Problem description – Extract the lines from the first line of the records below through the line containing "building model written", inclusive, and reproduce them exactly as written.

START Data extract

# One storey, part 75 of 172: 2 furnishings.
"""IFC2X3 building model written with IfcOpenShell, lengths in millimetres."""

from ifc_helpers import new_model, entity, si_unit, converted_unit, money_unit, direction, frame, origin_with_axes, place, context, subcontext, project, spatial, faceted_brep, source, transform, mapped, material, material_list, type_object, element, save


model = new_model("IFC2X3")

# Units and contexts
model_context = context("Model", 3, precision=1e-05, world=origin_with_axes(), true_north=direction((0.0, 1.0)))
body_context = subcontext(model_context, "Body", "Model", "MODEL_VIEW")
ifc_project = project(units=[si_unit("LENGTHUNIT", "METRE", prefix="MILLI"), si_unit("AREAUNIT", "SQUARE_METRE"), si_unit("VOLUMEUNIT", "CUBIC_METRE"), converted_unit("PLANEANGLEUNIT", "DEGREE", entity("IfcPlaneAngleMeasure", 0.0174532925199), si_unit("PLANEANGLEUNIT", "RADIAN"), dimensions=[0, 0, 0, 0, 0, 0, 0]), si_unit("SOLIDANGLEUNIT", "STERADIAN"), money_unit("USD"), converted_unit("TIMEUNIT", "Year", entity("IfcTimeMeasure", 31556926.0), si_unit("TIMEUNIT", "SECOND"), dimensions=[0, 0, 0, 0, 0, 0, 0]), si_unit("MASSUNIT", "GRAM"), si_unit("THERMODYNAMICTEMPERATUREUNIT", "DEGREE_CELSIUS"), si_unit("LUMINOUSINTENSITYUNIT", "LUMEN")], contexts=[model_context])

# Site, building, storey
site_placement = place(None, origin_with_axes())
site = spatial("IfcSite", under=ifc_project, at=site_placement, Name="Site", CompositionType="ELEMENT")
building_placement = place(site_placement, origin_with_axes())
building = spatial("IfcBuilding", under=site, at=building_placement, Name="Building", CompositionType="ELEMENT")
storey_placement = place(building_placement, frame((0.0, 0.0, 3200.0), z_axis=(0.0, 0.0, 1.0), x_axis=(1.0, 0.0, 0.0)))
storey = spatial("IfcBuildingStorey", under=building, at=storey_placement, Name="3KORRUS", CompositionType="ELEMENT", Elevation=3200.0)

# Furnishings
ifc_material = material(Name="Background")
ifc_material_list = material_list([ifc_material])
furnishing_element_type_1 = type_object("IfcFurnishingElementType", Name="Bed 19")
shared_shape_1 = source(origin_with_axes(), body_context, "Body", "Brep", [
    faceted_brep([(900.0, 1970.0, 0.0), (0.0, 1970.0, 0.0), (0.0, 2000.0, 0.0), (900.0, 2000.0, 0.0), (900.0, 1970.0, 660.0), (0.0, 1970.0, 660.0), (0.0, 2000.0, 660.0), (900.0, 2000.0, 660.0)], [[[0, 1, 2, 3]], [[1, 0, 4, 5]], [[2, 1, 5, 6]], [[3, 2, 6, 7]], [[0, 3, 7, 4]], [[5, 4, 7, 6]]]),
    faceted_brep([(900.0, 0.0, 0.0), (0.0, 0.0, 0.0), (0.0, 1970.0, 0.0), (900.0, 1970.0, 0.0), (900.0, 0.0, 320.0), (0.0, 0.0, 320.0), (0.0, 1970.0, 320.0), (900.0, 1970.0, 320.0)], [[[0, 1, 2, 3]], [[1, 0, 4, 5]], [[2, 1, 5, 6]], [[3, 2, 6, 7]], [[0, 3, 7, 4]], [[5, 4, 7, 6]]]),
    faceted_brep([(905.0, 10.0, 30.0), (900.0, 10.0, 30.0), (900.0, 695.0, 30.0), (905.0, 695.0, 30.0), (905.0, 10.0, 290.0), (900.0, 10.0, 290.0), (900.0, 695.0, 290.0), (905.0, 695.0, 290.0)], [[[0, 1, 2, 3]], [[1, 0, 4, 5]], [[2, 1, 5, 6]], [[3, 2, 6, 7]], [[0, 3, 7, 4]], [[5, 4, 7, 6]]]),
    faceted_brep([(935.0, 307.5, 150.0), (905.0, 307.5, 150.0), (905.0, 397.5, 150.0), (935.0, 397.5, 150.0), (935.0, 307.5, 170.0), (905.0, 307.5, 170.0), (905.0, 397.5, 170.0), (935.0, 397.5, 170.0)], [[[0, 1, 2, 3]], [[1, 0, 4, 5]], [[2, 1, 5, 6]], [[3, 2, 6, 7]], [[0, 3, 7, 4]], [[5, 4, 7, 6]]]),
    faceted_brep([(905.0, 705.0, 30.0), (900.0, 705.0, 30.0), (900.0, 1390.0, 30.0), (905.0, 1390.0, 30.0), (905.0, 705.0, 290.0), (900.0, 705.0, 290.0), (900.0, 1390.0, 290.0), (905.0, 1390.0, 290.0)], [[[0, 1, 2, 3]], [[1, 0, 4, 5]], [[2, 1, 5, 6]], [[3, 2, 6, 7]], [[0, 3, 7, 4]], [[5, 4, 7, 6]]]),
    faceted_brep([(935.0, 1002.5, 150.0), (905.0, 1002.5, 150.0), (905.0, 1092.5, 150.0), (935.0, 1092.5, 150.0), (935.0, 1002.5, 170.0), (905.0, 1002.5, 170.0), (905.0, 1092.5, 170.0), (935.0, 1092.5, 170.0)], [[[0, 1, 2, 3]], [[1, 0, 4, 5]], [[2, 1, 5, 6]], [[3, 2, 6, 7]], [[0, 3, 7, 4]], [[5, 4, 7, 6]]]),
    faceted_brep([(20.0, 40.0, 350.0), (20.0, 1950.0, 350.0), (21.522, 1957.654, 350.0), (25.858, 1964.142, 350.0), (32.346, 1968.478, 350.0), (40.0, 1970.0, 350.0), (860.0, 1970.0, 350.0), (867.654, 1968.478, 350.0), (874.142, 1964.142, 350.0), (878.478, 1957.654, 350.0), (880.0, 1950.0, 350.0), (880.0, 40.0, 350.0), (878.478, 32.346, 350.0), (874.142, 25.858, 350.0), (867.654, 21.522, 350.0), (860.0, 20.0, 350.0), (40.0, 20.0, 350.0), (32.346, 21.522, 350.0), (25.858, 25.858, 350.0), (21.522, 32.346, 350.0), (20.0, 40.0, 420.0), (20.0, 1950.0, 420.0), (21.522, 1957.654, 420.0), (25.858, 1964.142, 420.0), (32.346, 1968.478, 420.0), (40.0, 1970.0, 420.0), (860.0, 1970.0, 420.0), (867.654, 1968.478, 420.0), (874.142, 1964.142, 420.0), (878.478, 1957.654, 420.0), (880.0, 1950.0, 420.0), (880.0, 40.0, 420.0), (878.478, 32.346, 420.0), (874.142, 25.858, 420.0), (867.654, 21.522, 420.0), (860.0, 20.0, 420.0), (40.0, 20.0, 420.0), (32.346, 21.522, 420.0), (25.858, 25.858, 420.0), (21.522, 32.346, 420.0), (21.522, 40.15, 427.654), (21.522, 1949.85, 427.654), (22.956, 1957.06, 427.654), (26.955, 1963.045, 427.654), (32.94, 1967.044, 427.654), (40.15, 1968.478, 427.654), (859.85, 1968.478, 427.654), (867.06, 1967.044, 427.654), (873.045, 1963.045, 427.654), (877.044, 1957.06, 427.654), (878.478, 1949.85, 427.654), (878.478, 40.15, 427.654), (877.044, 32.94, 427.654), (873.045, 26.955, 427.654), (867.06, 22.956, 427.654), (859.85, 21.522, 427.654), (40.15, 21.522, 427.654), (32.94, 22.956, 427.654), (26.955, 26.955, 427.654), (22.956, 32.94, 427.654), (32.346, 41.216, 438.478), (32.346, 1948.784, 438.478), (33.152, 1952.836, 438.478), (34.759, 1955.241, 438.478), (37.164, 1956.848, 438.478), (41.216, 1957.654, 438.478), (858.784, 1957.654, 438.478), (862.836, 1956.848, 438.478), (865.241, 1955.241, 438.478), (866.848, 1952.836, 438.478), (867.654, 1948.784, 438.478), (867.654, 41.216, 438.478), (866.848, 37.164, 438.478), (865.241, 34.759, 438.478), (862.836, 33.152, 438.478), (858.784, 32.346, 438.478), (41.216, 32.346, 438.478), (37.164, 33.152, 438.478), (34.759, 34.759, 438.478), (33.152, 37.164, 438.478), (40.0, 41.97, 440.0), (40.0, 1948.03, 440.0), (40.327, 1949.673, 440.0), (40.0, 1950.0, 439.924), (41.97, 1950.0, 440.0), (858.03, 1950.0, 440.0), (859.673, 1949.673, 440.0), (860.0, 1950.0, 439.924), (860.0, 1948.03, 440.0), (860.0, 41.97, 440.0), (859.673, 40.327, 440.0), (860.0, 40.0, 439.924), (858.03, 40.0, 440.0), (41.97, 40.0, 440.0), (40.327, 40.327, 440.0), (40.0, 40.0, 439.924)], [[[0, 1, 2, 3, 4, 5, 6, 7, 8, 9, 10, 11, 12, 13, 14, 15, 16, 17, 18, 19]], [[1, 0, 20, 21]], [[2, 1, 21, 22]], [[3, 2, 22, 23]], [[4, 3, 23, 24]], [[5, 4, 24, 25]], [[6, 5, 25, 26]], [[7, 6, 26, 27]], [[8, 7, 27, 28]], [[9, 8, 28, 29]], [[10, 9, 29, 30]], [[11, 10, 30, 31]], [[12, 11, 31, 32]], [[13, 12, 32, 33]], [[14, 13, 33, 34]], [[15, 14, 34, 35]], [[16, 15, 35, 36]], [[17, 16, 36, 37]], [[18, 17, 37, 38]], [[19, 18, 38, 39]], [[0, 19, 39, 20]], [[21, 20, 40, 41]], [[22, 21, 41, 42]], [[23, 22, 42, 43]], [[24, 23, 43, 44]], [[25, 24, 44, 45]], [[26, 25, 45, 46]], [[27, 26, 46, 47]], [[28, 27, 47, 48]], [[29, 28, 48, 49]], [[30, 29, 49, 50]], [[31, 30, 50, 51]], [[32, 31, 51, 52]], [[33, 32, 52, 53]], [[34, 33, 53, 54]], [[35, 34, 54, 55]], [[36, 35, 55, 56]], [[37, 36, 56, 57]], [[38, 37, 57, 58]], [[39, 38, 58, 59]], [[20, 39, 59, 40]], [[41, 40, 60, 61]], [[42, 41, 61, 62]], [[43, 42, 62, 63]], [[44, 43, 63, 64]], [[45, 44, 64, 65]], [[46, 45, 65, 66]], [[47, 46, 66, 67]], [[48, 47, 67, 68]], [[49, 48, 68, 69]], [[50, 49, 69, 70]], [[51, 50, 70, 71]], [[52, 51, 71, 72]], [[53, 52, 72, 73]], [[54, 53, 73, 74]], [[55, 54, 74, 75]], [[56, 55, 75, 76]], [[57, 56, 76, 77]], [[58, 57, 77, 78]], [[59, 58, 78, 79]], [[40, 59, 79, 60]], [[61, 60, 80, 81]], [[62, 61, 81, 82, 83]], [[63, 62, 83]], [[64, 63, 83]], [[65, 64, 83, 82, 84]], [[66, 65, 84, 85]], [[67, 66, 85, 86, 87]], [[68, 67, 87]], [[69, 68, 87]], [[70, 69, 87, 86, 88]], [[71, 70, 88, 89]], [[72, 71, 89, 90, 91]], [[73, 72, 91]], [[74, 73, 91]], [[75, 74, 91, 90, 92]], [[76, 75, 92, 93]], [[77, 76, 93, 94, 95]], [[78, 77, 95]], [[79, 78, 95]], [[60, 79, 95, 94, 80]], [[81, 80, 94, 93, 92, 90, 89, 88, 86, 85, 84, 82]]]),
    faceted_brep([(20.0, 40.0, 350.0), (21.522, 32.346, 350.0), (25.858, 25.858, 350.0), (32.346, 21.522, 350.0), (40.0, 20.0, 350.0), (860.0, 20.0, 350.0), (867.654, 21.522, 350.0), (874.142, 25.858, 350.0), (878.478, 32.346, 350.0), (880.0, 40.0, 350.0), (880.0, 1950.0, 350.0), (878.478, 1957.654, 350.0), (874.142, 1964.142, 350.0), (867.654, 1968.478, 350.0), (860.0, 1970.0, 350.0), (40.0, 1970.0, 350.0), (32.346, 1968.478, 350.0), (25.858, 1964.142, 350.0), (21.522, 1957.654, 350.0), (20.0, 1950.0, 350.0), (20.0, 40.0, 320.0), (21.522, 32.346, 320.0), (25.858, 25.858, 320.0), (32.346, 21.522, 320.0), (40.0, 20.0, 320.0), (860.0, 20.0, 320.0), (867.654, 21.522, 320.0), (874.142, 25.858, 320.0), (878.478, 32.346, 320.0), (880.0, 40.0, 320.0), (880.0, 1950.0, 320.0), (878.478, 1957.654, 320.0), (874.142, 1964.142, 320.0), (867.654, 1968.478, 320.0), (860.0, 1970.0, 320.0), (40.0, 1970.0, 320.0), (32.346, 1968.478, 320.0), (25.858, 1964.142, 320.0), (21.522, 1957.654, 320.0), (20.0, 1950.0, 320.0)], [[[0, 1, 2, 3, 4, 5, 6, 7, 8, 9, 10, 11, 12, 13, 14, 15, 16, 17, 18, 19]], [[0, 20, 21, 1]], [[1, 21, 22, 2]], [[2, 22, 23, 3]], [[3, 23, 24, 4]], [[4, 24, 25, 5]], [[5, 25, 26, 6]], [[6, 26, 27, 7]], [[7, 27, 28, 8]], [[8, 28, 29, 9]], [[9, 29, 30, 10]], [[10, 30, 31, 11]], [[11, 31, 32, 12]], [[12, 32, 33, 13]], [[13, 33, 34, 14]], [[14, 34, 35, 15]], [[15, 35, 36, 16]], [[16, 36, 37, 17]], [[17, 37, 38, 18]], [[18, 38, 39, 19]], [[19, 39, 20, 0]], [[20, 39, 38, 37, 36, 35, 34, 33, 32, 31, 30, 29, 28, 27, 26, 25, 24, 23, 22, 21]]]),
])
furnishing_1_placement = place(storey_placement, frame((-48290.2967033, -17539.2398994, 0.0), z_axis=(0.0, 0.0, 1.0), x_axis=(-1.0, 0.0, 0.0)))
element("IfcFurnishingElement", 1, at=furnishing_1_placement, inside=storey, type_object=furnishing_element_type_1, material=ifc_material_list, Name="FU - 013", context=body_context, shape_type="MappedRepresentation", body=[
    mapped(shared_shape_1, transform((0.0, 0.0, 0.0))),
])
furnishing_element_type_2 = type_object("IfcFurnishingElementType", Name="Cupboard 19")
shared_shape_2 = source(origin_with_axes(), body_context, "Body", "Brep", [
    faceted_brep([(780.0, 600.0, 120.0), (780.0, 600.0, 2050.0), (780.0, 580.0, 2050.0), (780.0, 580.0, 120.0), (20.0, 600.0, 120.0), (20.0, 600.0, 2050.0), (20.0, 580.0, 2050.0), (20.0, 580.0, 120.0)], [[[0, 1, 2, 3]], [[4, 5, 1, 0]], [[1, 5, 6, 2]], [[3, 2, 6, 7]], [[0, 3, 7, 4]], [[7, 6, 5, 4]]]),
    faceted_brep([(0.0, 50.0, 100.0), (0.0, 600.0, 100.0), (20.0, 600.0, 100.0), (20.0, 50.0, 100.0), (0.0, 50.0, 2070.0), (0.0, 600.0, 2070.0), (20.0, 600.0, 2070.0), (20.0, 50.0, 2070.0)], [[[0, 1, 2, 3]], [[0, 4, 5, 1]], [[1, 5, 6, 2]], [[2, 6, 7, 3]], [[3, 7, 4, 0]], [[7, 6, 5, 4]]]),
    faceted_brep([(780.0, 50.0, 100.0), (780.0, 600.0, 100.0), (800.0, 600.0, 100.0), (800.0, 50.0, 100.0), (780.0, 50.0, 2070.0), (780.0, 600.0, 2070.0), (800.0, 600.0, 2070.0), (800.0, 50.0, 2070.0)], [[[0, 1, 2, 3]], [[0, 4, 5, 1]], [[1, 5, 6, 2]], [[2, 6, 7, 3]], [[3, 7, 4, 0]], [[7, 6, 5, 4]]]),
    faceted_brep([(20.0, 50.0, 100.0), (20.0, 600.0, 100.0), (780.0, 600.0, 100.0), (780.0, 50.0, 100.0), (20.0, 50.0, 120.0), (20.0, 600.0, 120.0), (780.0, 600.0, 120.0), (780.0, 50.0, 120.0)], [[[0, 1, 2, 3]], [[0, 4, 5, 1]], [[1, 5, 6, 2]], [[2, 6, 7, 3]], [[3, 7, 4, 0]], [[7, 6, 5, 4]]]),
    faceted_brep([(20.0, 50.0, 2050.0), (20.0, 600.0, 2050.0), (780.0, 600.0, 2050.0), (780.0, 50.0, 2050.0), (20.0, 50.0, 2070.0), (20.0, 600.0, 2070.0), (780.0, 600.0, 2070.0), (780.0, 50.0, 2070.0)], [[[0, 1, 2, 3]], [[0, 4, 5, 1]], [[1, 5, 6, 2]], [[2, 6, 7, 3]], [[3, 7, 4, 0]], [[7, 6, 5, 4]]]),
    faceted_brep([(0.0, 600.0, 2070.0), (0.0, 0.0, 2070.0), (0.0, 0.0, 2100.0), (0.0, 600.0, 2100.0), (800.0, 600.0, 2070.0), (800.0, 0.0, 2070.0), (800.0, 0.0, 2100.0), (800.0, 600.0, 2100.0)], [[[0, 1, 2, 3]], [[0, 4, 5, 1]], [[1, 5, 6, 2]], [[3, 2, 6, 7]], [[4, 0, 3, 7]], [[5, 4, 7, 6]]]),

END Data extract

Output for this task –
# One storey, part 75 of 172: 2 furnishings.
"""IFC2X3 building model written with IfcOpenShell, lengths in millimetres."""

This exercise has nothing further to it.